=== Begin Enclosure ===

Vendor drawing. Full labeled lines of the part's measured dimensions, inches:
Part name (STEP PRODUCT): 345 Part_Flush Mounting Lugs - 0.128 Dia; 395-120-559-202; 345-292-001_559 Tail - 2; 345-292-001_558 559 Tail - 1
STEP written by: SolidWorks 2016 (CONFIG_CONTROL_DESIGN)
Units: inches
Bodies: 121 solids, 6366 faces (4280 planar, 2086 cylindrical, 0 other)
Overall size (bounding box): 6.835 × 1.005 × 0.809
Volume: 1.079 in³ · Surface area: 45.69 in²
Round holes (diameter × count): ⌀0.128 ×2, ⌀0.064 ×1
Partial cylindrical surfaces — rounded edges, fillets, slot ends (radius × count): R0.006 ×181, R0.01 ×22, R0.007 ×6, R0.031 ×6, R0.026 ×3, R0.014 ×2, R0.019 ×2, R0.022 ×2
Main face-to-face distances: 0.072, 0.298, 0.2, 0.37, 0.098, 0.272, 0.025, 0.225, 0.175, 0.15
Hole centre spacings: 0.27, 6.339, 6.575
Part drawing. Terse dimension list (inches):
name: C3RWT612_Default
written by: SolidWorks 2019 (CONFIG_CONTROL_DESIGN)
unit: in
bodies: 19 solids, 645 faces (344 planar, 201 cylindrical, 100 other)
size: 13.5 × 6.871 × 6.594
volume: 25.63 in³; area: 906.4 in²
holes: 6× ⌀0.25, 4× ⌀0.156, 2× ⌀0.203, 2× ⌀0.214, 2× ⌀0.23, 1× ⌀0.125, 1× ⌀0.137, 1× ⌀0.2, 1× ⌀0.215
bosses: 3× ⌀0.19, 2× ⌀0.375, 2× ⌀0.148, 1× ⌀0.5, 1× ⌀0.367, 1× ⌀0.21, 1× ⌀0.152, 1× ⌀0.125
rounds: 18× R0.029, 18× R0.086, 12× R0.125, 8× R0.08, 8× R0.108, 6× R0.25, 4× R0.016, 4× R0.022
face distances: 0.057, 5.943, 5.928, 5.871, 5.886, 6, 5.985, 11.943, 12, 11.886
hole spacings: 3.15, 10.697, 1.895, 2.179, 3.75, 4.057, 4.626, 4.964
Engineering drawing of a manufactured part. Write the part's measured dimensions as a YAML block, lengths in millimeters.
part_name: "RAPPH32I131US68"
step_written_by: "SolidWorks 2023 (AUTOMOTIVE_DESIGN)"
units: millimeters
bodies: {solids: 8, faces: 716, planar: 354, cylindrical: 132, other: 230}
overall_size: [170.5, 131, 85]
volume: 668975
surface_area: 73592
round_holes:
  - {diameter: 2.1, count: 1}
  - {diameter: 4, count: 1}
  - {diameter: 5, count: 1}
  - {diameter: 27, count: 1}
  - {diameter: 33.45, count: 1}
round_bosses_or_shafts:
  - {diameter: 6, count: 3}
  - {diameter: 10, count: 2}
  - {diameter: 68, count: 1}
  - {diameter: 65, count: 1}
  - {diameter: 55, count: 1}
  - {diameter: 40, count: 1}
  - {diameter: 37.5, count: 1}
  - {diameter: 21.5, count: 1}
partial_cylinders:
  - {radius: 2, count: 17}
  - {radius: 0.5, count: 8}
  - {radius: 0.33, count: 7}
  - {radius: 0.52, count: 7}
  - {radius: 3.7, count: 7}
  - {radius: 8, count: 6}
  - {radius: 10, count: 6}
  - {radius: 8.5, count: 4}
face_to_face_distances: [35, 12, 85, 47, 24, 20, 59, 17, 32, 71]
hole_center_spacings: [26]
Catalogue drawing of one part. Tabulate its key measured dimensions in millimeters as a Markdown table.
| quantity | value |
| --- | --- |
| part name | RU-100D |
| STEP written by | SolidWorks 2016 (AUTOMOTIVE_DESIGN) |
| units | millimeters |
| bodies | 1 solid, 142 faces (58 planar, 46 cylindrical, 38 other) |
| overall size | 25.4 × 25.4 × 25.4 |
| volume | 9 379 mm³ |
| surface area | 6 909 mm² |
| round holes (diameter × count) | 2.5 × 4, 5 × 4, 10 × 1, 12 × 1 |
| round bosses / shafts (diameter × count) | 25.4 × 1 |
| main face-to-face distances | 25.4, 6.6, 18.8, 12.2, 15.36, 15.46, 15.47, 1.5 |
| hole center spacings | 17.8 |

=== End Enclosure ===

Task goal: A faithful, complete copy of the entries above is required.

Response below:
Vendor drawing. Full labeled lines of the part's measured dimensions, inches:
Part name (STEP PRODUCT): 345 Part_Flush Mounting Lugs - 0.128 Dia; 395-120-559-202; 345-292-001_559 Tail - 2; 345-292-001_558 559 Tail - 1
STEP written by: SolidWorks 2016 (CONFIG_CONTROL_DESIGN)
Units: inches
Bodies: 121 solids, 6366 faces (4280 planar, 2086 cylindrical, 0 other)
Overall size (bounding box): 6.835 × 1.005 × 0.809
Volume: 1.079 in³ · Surface area: 45.69 in²
Round holes (diameter × count): ⌀0.128 ×2, ⌀0.064 ×1
Partial cylindrical surfaces — rounded edges, fillets, slot ends (radius × count): R0.006 ×181, R0.01 ×22, R0.007 ×6, R0.031 ×6, R0.026 ×3, R0.014 ×2, R0.019 ×2, R0.022 ×2
Main face-to-face distances: 0.072, 0.298, 0.2, 0.37, 0.098, 0.272, 0.025, 0.225, 0.175, 0.15
Hole centre spacings: 0.27, 6.339, 6.575
Part drawing. Terse dimension list (inches):
name: C3RWT612_Default
written by: SolidWorks 2019 (CONFIG_CONTROL_DESIGN)
unit: in
bodies: 19 solids, 645 faces (344 planar, 201 cylindrical, 100 other)
size: 13.5 × 6.871 × 6.594
volume: 25.63 in³; area: 906.4 in²
holes: 6× ⌀0.25, 4× ⌀0.156, 2× ⌀0.203, 2× ⌀0.214, 2× ⌀0.23, 1× ⌀0.125, 1× ⌀0.137, 1× ⌀0.2, 1× ⌀0.215
bosses: 3× ⌀0.19, 2× ⌀0.375, 2× ⌀0.148, 1× ⌀0.5, 1× ⌀0.367, 1× ⌀0.21, 1× ⌀0.152, 1× ⌀0.125
rounds: 18× R0.029, 18× R0.086, 12× R0.125, 8× R0.08, 8× R0.108, 6× R0.25, 4× R0.016, 4× R0.022
face distances: 0.057, 5.943, 5.928, 5.871, 5.886, 6, 5.985, 11.943, 12, 11.886
hole spacings: 3.15, 10.697, 1.895, 2.179, 3.75, 4.057, 4.626, 4.964
Engineering drawing of a manufactured part. Write the part's measured dimensions as a YAML block, lengths in millimeters.
part_name: "RAPPH32I131US68"
step_written_by: "SolidWorks 2023 (AUTOMOTIVE_DESIGN)"
units: millimeters
bodies: {solids: 8, faces: 716, planar: 354, cylindrical: 132, other: 230}
overall_size: [170.5, 131, 85]
volume: 668975
surface_area: 73592
round_holes:
  - {diameter: 2.1, count: 1}
  - {diameter: 4, count: 1}
  - {diameter: 5, count: 1}
  - {diameter: 27, count: 1}
  - {diameter: 33.45, count: 1}
round_bosses_or_shafts:
  - {diameter: 6, count: 3}
  - {diameter: 10, count: 2}
  - {diameter: 68, count: 1}
  - {diameter: 65, count: 1}
  - {diameter: 55, count: 1}
  - {diameter: 40, count: 1}
  - {diameter: 37.5, count: 1}
  - {diameter: 21.5, count: 1}
partial_cylinders:
  - {radius: 2, count: 17}
  - {radius: 0.5, count: 8}
  - {radius: 0.33, count: 7}
  - {radius: 0.52, count: 7}
  - {radius: 3.7, count: 7}
  - {radius: 8, count: 6}
  - {radius: 10, count: 6}
  - {radius: 8.5, count: 4}
face_to_face_distances: [35, 12, 85, 47, 24, 20, 59, 17, 32, 71]
hole_center_spacings: [26]
Catalogue drawing of one part. Tabulate its key measured dimensions in millimeters as a Markdown table.
| quantity | value |
| --- | --- |
| part name | RU-100D |
| STEP written by | SolidWorks 2016 (AUTOMOTIVE_DESIGN) |
| units | millimeters |
| bodies | 1 solid, 142 faces (58 planar, 46 cylindrical, 38 other) |
| overall size | 25.4 × 25.4 × 25.4 |
| volume | 9 379 mm³ |
| surface area | 6 909 mm² |
| round holes (diameter × count) | 2.5 × 4, 5 × 4, 10 × 1, 12 × 1 |
| round bosses / shafts (diameter × count) | 25.4 × 1 |
| main face-to-face distances | 25.4, 6.6, 18.8, 12.2, 15.36, 15.46, 15.47, 1.5 |
| hole center spacings | 17.8 |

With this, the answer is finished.